We create a simple **normalized conflict score** on a 0–100 scale.

```python
df_new = df.copy()
max_conflict = df_new['Conflicts_Over_Social_Media'].max()
df_new['Conflict_Normalization'] = (df_new['Conflicts_Over_Social_Media'] / max_conflict) * 100
df_new[['Conflicts_Over_Social_Media', 'Conflict_Normalization']].head()
```

_This new column represents relative conflict level compared to the maximum observed in the data, making values easier to interpret._



### 7. Filter the Data (Two Different Filters)

**Filter A: by a categorical variable (e.g., Gender)**  
```python
# If 'Gender' exists, filter to the most common category
if 'Gender' in df_new.columns:
    top_gender = df_new['Gender'].value_counts().idxmax()
    filtered_a = df_new[df_new['Gender'] == top_gender]
    print("Filter A: Gender == ", top_gender, " -> shape:", filtered_a.shape)
    display(filtered_a.head())
else:
    print("No 'Gender' column found; skipping Filter A.")
```

**Why this subset?** It allows us to compare the majority group to others in later analysis.

**Filter B: using the derived feature (Conflict_Normalization > 50)**  
```python
filtered_b = df_new[df_new['Conflict_Normalization'] > 50]
print("Filter B: Conflict_Normalization > 50 -> shape:", filtered_b.shape)
filtered_b.head()
```

**Why this subset?** It highlights students with higher-than-median conflict levels for further study.

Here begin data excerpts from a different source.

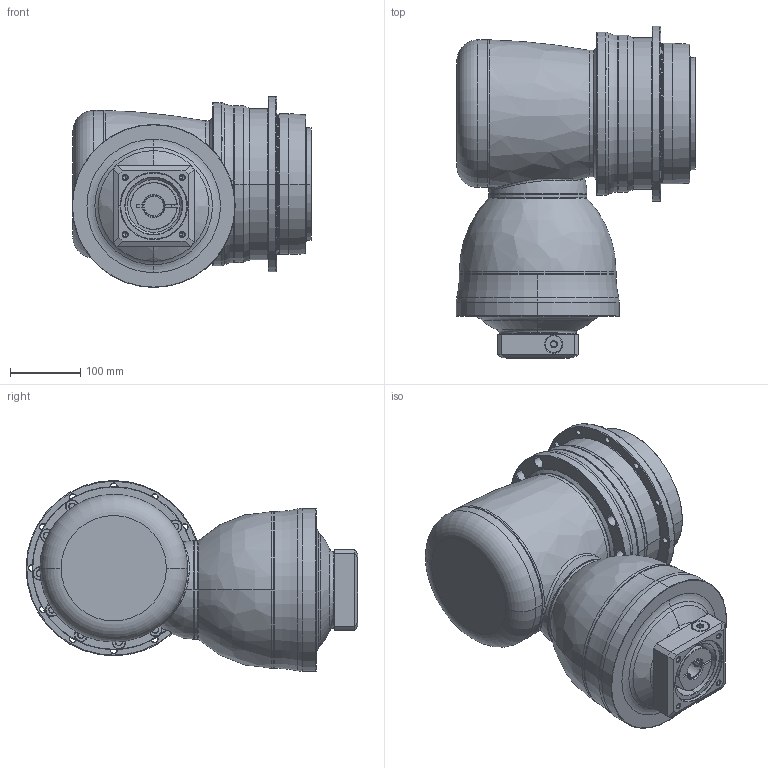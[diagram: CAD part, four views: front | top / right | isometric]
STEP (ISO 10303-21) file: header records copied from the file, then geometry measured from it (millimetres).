
FILE_DESCRIPTION((''),'2;1');
FILE_NAME('AHKB200_3ST_28-P0409600101_ASM','2016-12-14T',('d01943'),(''),'PRO/ENGINEER BY PARAMETRIC TECHNOLOGY CORPORATION, 2008410','PRO/ENGINEER BY PARAMETRIC TECHNOLOGY CORPORATION, 2008410','');
FILE_SCHEMA(('CONFIG_CONTROL_DESIGN'));
Length unit declared in the file: millimetre
Products named in the file (12): P1008600002; P1802600011; P0278600003; P0359600002; P1315600001; P1007600001; P1317600101; P0409600101; P0503600010; P0912501001; 21711418017; AHKB200_3ST_28-P0409600101_ASM
Assembly tree (11 placements, depth 2):
  AHKB200_3ST_28-P0409600101_ASM
    P1008600002
    P1802600011
    P0278600003
    P0359600002
    P1315600001
    P1007600001
    P1317600101
    P0409600101
    P0503600010
    P0912501001
    21711418017
Bounding box: 341 x 472.25 x 271.75 mm (x, y, z)
Volume: 13568302 mm3; surface area: 1136021.5 mm2
Topology: 12 solids, 12 shells, 993 faces, 2273 edges, 1306 vertices
Faces by surface type: cylinder 356, cone 332, plane 136, torus 128, bspline 39, sphere 2
Entity records: 34120 total; most frequent: CARTESIAN_POINT 11365, DIRECTION 5240, ORIENTED_EDGE 4358, AXIS2_PLACEMENT_3D 2240, EDGE_CURVE 2179, VERTEX_POINT 1306, CIRCLE 1263, EDGE_LOOP 1151

### 8. Unique Values and Categories

_List unique values for each categorical column._

```python
if 'categorical_cols' not in globals():
    categorical_cols = [c for c in df_new.columns if not pd.api.types.is_numeric_dtype(df_new[c])]

for c in categorical_cols:
    print(f"\nColumn: {c}")
    display(df_new[c].value_counts(dropna=False))
```



## (Optional) Two Quick Visuals

```python
# Histogram of Avg_Daily_Usage_Hours
plt.figure()
df_new['Avg_Daily_Usage_Hours'].dropna().hist(bins=20)
plt.title("Histogram: Avg_Daily_Usage_Hours")
plt.xlabel("Hours per day")
plt.ylabel("Count")
plt.show()
```

```python
# Bar chart: Top 5 Most Used Platforms
if 'Most_Used_Platform' in df_new.columns:
    top5 = df_new['Most_Used_Platform'].value_counts().head(5)
    plt.figure()
    plt.bar(top5.index.astype(str), top5.values)
    plt.title("Top 5 Most Used Platforms")
    plt.xlabel("Platform")
    plt.ylabel("Count")
    plt.xticks(rotation=30)
    plt.tight_layout()
    plt.show()
```



## 9. Summary and Conclusion — Initial Observations

_Write a short paragraph in your own words answering:_  
- What was interesting about usage hours, sleep patterns, and conflict/mental‑health scores?  
- Any patterns across platforms or gender/academic level?  
- Any data quality issues (missing values, duplicates) to watch for in Part 2?  

> _Example starter:_ The dataset contains 705 rows and 13 columns covering demographics, usage behavior, and outcomes. Most numeric variables were already typed correctly. Summary statistics suggest moderate average daily usage with a long right tail. Conflict normalization helps identify a high‑conflict subgroup (>50), which could be compared by platform or country in future analysis.



---

### Export to HTML (for submission)
In Jupyter/Colab: **File → Download as → HTML** and save as `Manjil_Project2_Part1.html`.

### Reminder
Also submit the `.csv` file you used (e.g., `Project_data.csv`).